The Redis MCP Landscape
Three integration points are available as of May 2026:
| Layer | Project | Transport | Purpose |
|---|---|---|---|
| Data operations | redis/mcp-redis |
STDIO | Read, write, query across all Redis data types |
| Cloud management | redis/mcp-redis-cloud |
STDIO | Subscription management, database provisioning |
| Knowledge | redis/agent-skills |
Skill file | Production patterns for caching, rate limiting, vector search |
mcp-redis: The Data Operations Server
The official redis-mcp-server package exposes tools across every Redis data type3:
- Strings — set/get with expiration for caching and configuration
- Hashes — field-value pairs including vector embeddings
- Lists — append/pop for queues and activity tracking
- Sets — membership and set operations (union, intersection, difference)
- Sorted sets — leaderboards, priority queues, sliding-window rate limiters
- Pub/Sub — publish/subscribe for real-time notifications
- Streams — event sourcing with consumer group support
- JSON — nested document storage and manipulation (Redis 8+)
- Vector search — create and query indexed vectors for RAG
- Documentation search — query Redis docs via HTTP API
- Server management — database information and diagnostics
mcp-redis-cloud: Subscription Management
The companion server provides natural-language control over Redis Cloud subscriptions4. You can create databases, query subscription metrics, and manage capacity — useful for infrastructure-as-code workflows where Codex provisions ephemeral Redis instances for testing.
Redis Agent Skills
Redis published an official agent skill in February 2026 that loads on-demand when agents encounter Redis-related tasks2. The skill covers eight domains: caching, rate limiting, session management, vector search, semantic caching, agent memory, pub/sub, and streams. Crucially, it encodes anti-pattern guardrails — no KEYS in loops, no unbounded key growth, no large values — that prevent the stale Redis 6 patterns most LLMs default to.
Codex CLI Configuration
config.toml for STDIO Servers
Add the Redis MCP server to ~/.codex/config.toml or your project-scoped .codex/config.toml:
[mcp_servers.redis]
command = "uvx"
args = ["--from", "redis-mcp-server@latest", "redis-mcp-server", "--url", "redis://localhost:6379/0"]
env = {}
startup_timeout_sec = 15
tool_timeout_sec = 30
enabled = true
For Redis Cloud management, add the cloud server alongside:
[mcp_servers.redis-cloud]
command = "uvx"
args = ["--from", "redis-mcp-cloud@latest", "redis-mcp-cloud"]
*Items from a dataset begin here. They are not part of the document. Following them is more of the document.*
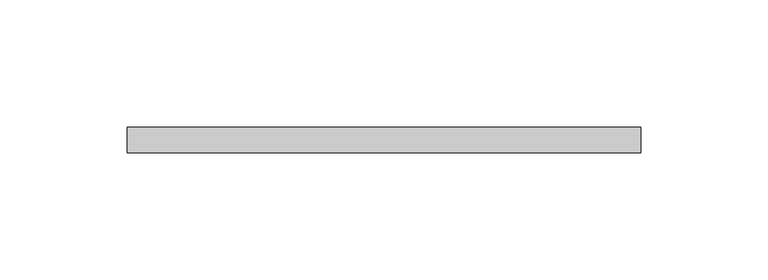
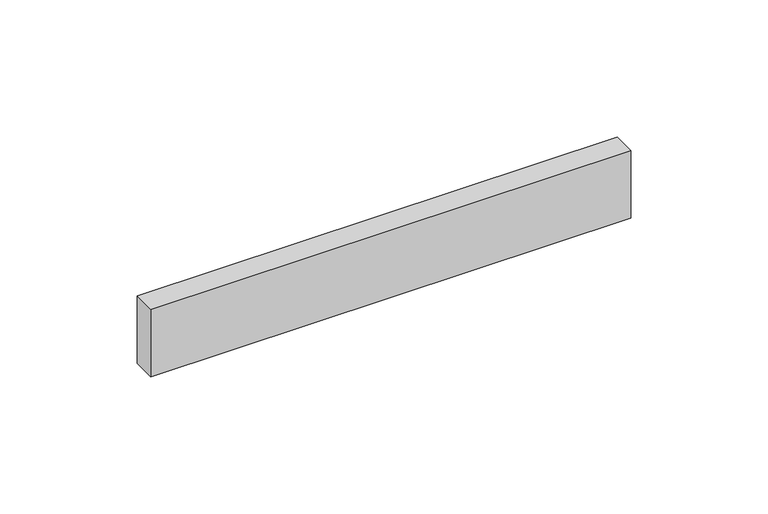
"""IFC4 building model written with IfcOpenShell, lengths in millimetres: proxy geometry, SCHWINN-BAR PULL 2334.192."""

from ifc_helpers import new_model, si_unit, frame, origin, place, context, project, spatial, polyline, outline, extrude, source, transform, mapped, element, save


def generic_models_9caf6cdd(model_context):
    return source(origin(), model_context, "Body", "SweptSolid", [
        extrude(outline(polyline([(244.8625, 0.0), (42.8625, 0.0), (42.8625, 10.0), (244.8625, 10.0), (244.8625, 0.0)])), frame((0.0, 0.0, 25.4), z_axis=(0.0, 0.0, 1.0), x_axis=(1.0, 0.0, 0.0)), (0.0, 0.0, 1.0), 30.0),
    ])


if __name__ == "__main__":
    model = new_model("IFC4")
    model_context = context("Model", 3, world=origin())
    ifc_project = project(units=[si_unit("LENGTHUNIT", "METRE", prefix="MILLI")], contexts=[model_context])
    site = spatial("IfcSite", under=ifc_project)
    building = spatial("IfcBuilding", under=site)
    placement = place(None, origin())
    generic_models_shape = generic_models_9caf6cdd(model_context)
    element("IfcBuildingElementProxy", 1, Name="SCHWINN-BAR PULL 2334.192", ObjectType="SCHWINN-BAR PULL 2334.192", at=placement, inside=building, context=model_context, shape_type="MappedRepresentation", body=[
        mapped(generic_models_shape, transform((0.0, 0.0, 0.0), x_axis=(1.0, 0.0, 0.0), y_axis=(0.0, 1.0, 0.0), z_axis=(0.0, 0.0, 1.0))),
    ])
    save(model, "model.ifc")

env = { REDIS_CLOUD_API_KEY = "${REDIS_CLOUD_API_KEY}", REDIS_CLOUD_SECRET = "${REDIS_CLOUD_SECRET}" }
startup_timeout_sec = 15
tool_timeout_sec = 30
enabled = true
For authenticated Redis instances with TLS:
[mcp_servers.redis]
command = "uvx"
args = [
"--from", "redis-mcp-server@latest", "redis-mcp-server",
"--url", "rediss://default:password@redis-host:6380/0",
"--ssl"
]
The --cluster-mode flag enables Redis Cluster support, and Azure EntraID authentication flows are available via environment variables (REDIS_ENTRAID_AUTH_FLOW)3.
Installing the Redis Agent Skill
codex install skill redis/agent-skills
The skill loads on-demand when Codex encounters Redis-related tasks, keeping the context window lean until needed2.
Server Composition
Running both the data MCP server and the agent skill gives Codex two complementary capabilities:
graph LR
A[Codex CLI] --> B[mcp-redis<br/>Data Operations]
A --> C[Redis Agent Skill<br/>Best Practices]
A --> D[mcp-redis-cloud<br/>Infrastructure]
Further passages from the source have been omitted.